Microchimeras and Serotonin

While many of the claims at improving cognition are dubious (eg, the "Mozart effect"), there is now ample reason to suspect that parental involvement in children's brain development occurs much earlier than the first 3 years. Data now suggests that maternal cues are critical to proper brain development long before birth. In this article, I will explore this almost ridiculous example of early parenting, including the strange world of microchimeras and the role maternal serotonin plays in fetal brain development. I will begin with some information about chimeric biology and then move to data involving brain development in laboratory animals.

In Greek mythology, Chimera was the name of a fantastic fire-breathing female monster who looked as if she were created by a committee. Her front part was usually depicted as a lion, her back end was a dragon, and her middle was a goat. She was a mythological creature of great destructive power.

As genetic and tissue engineering techniques became regular practice, the mixed-up characteristics of the Chimera were co-opted by the research community; they used the name to describe a very valuable—and equally mixed-up—biological phenomenon. Chimeras are now formally defined as any organism, organ, or body part made up of 2 or more tissues of differing genetic composition. This can result from grafting, genetic engineering, or even organ transplantation. The word is even used to describe molecules. Antibodies made from the proteins (or genes) of 2 or more different species, for example, are formally termed "chimeras."

It has become clear that chimeric characteristics are not just epiphenomena from research laboratories and clinics. A number of years ago it was shown that during gestation the human fetus acquires chimeric characteristics. Maternal cells get into the fetus and become an active part of its biology, extending into adulthood. Fetal tissues return the favor, entering the mother before birth and setting up shop. Such trafficking has potentially powerful consequences, from embryonic development to immune system reactivity.

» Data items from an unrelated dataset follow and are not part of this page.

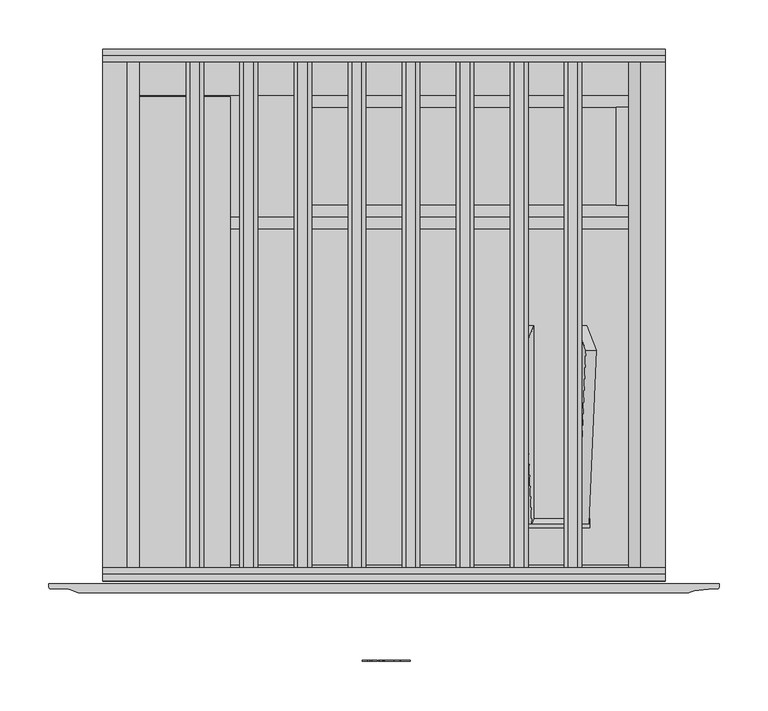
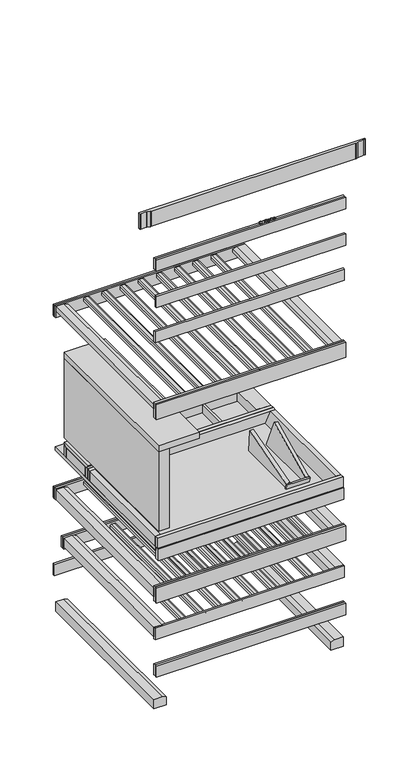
"""IFC4 building model written with IfcOpenShell, lengths in millimetres: proxy geometry, 12588220_CN_KWT4999F_OBSW : 39499962_CN_12588220_KWT4999F_OBSW."""

from ifc_helpers import new_model, si_unit, point, frame, frame_2d, origin, place, context, project, spatial, polyline, circle_curve, ellipse_curve, trimmed, segment, composite_curve, outline, extrude, source, transform, mapped, element, save
from ifc_brep_helpers import plane_surface, cylinder_surface, revolved_surface, extruded_surface, advanced_brep


def specialty_equipment_c9b6d5f7(model_context):
    return source(origin(), model_context, "Body", "SolidModel", [
        advanced_brep(
        [(21.288016, -779.5, 1910.896), (21.288016, -779.5, 1911.704), (26.640016, -779.5, 1911.704), (17.328016, -779.5, 1911.704), (19.528016, -779.5, 1909.0), (26.504016, -779.5, 1910.896), (24.088016, -779.5, 1910.896), (22.184016, -779.5, 1910.0), (21.288016, -779.5, 1912.728), (21.288016, -779.5, 1913.6), (22.656016, -779.5, 1913.6), (22.656016, -779.5, 1912.728), (21.288016, -778.5, 1910.896), (22.184016, -778.5, 1910.0), (24.088016, -778.5, 1910.896), (26.504016, -778.5, 1910.896), (19.528016, -778.5, 1909.0), (17.328016, -778.5, 1911.704), (26.640016, -778.5, 1911.704), (21.288016, -778.5, 1911.704), (21.288016, -778.5, 1912.728), (22.656016, -778.5, 1912.728), (22.656016, -778.5, 1913.6), (21.288016, -778.5, 1913.6)],
        [
            (0, 1),
            (1, 2),
            (2, 3, ellipse_curve(frame((21.984016, -779.5, 1911.704), z_axis=(0.0, -1.0, 0.0), x_axis=(-1.0, 0.0, 0.0)), 4.656, 3.848)),
            (3, 4, circle_curve(frame((20.4240596, -779.5, 1911.976), z_axis=(0.0, -1.0, 0.0), x_axis=(0.0, 0.0, -1.0)), 3.1079688)),
            (4, 5, circle_curve(frame((21.8908096, -779.5, 1914.088), z_axis=(0.0, -1.0, 0.0), x_axis=(0.0, 0.0, -1.0)), 5.6098607)),
            (5, 6),
            (6, 7, circle_curve(frame((22.5750748, -779.5, 1911.64), z_axis=(0.0, 1.0, 0.0), x_axis=(0.0, 0.0, -1.0)), 1.6859795)),
            (7, 0, circle_curve(frame((22.184016, -779.5, 1910.896), z_axis=(0.0, 1.0, 0.0), x_axis=(0.0, 0.0, -1.0)), 0.896)),
            (8, 9),
            (9, 10, circle_curve(frame((21.972016, -779.5, 1913.6), z_axis=(0.0, 1.0, 0.0), x_axis=(0.0, 0.0, -1.0)), 0.684)),
            (10, 11),
            (11, 8),
            (12, 13, circle_curve(frame((22.184016, -778.5, 1910.896), z_axis=(0.0, -1.0, 0.0), x_axis=(0.0, 0.0, -1.0)), 0.896)),
            (13, 14, circle_curve(frame((22.5750748, -778.5, 1911.64), z_axis=(0.0, -1.0, 0.0), x_axis=(0.0, 0.0, -1.0)), 1.6859795)),
            (14, 15),
            (15, 16, circle_curve(frame((21.8908096, -778.5, 1914.088), z_axis=(0.0, 1.0, 0.0), x_axis=(0.0, 0.0, -1.0)), 5.6098607)),
            (16, 17, circle_curve(frame((20.4240596, -778.5, 1911.976), z_axis=(0.0, 1.0, 0.0), x_axis=(0.0, 0.0, -1.0)), 3.1079688)),
            (17, 18, ellipse_curve(frame((21.984016, -778.5, 1911.704), z_axis=(0.0, 1.0, 0.0), x_axis=(-1.0, 0.0, 0.0)), 4.656, 3.848)),
            (18, 19),
            (19, 12),
            (20, 21),
            (21, 22),
            (22, 23, circle_curve(frame((21.972016, -778.5, 1913.6), z_axis=(0.0, -1.0, 0.0), x_axis=(0.0, 0.0, -1.0)), 0.684)),
            (23, 20),
            (0, 12),
            (19, 1),
            (18, 2),
            (5, 15),
            (14, 6),
            (17, 3),
            (13, 7),
            (16, 4),
            (8, 20),
            (23, 9),
            (22, 10),
            (21, 11),
        ],
        [
            plane_surface(frame((21.288016, -779.5, 1911.704), z_axis=(0.0, -1.0, 0.0), x_axis=(0.0, 0.0, 1.0))),
            plane_surface(frame((21.288016, -778.5, 1911.704), z_axis=(0.0, 1.0, 0.0), x_axis=(0.0, 0.0, -1.0))),
            plane_surface(frame((21.288016, -779.5, 1910.896), z_axis=(1.0, 0.0, 0.0), x_axis=(0.0, 1.0, 0.0))),
            plane_surface(frame((21.288016, -779.5, 1911.704), z_axis=(0.0, 0.0, -1.0), x_axis=(0.0, 1.0, 0.0))),
            plane_surface(frame((26.504016, -779.5, 1910.896), z_axis=(0.0, 0.0, 1.0), x_axis=(0.0, 1.0, 0.0))),
            extruded_surface(trimmed(ellipse_curve(frame((21.984016, -777.5, 1911.704), z_axis=(0.0, -1.0, 0.0), x_axis=(-1.0, 0.0, 0.0)), 4.656, 3.848), [point((26.640016, -777.5, 1911.704))], [point((17.328016, -777.5, 1911.704))], True, "CARTESIAN"), (0.0, -1.0, 0.0), 1.0),
            revolved_surface(polyline([(22.5750748, -778.5, 1909.9540205), (22.5750748, -779.5, 1909.9540205)]), (22.5750748, -778.5, 1911.64), (0.0, 1.0, 0.0)),
            revolved_surface(polyline([(22.184016, -778.5, 1910.0), (22.184016, -779.5, 1910.0)]), (22.184016, -778.5, 1910.896), (0.0, 1.0, 0.0)),
            cylinder_surface(frame((20.4240596, -778.5, 1911.976), z_axis=(0.0, -1.0, 0.0), x_axis=(0.0, 0.0, -1.0)), 3.1079688),
            cylinder_surface(frame((21.8908096, -778.5, 1914.088), z_axis=(0.0, -1.0, 0.0), x_axis=(0.0, 0.0, -1.0)), 5.6098607),
            plane_surface(frame((21.288016, -779.5, 1912.728), z_axis=(1.0, 0.0, 0.0), x_axis=(0.0, 1.0, 0.0))),
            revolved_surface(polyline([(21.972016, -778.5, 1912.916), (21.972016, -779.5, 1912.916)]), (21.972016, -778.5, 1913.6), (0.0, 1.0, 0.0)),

More than a decade ago, a strange observation was made in umbilical cord blood samples from male infants. About 20% of the samples contained fetal cells. These results called into question the long-held assumption that maternal cells rarely, if ever, passed into fetal circulation. More refined techniques using DNA showed the incidence to be quite common: 40% to 100% of the samples showed the exchange.

Critics argued that the data could be explained by maternal-fetal exchanges during labor. Their arguments were mostly silenced when fetal blood from second- and third-trimester pregnancy terminations revealed the same chi- meric phenomenon. Indeed, exchanges were occurring throughout pregnancy and appeared to be a normal part of gestation.

Beyond that, the phenomenon was shown to be stable, with maternal cells persisting into adulthood. The idea generated a great deal of excitement. As researchers bore down on the phenomenon, it was shown that the exchange could be 2-way—fetal cells were also found to persist in the mother. Microchimerism appeared to be a normal part of pregnancy.

There are many powerful consequences of microchimerism. One is the generation of autoimmune diseases, demonstrated most notably in systemic sclerosis (scleroderma). The phenomenon has also been linked to autism, phenylketonuria, and irritable bowel syndrome.

One of the most intriguing hypotheses, however, has to do with normal development. Why would the fetal-maternal interactions, previously thought so impossible, turn out to be so prevalent? Why doesn't everybody suffer from some kind of immunological meltdown, especially women who bear more than one child? The answer is a bit of a shocker. It is very possible that, immune issues aside, the exchange is critical for the successful transit of a baby through gestation.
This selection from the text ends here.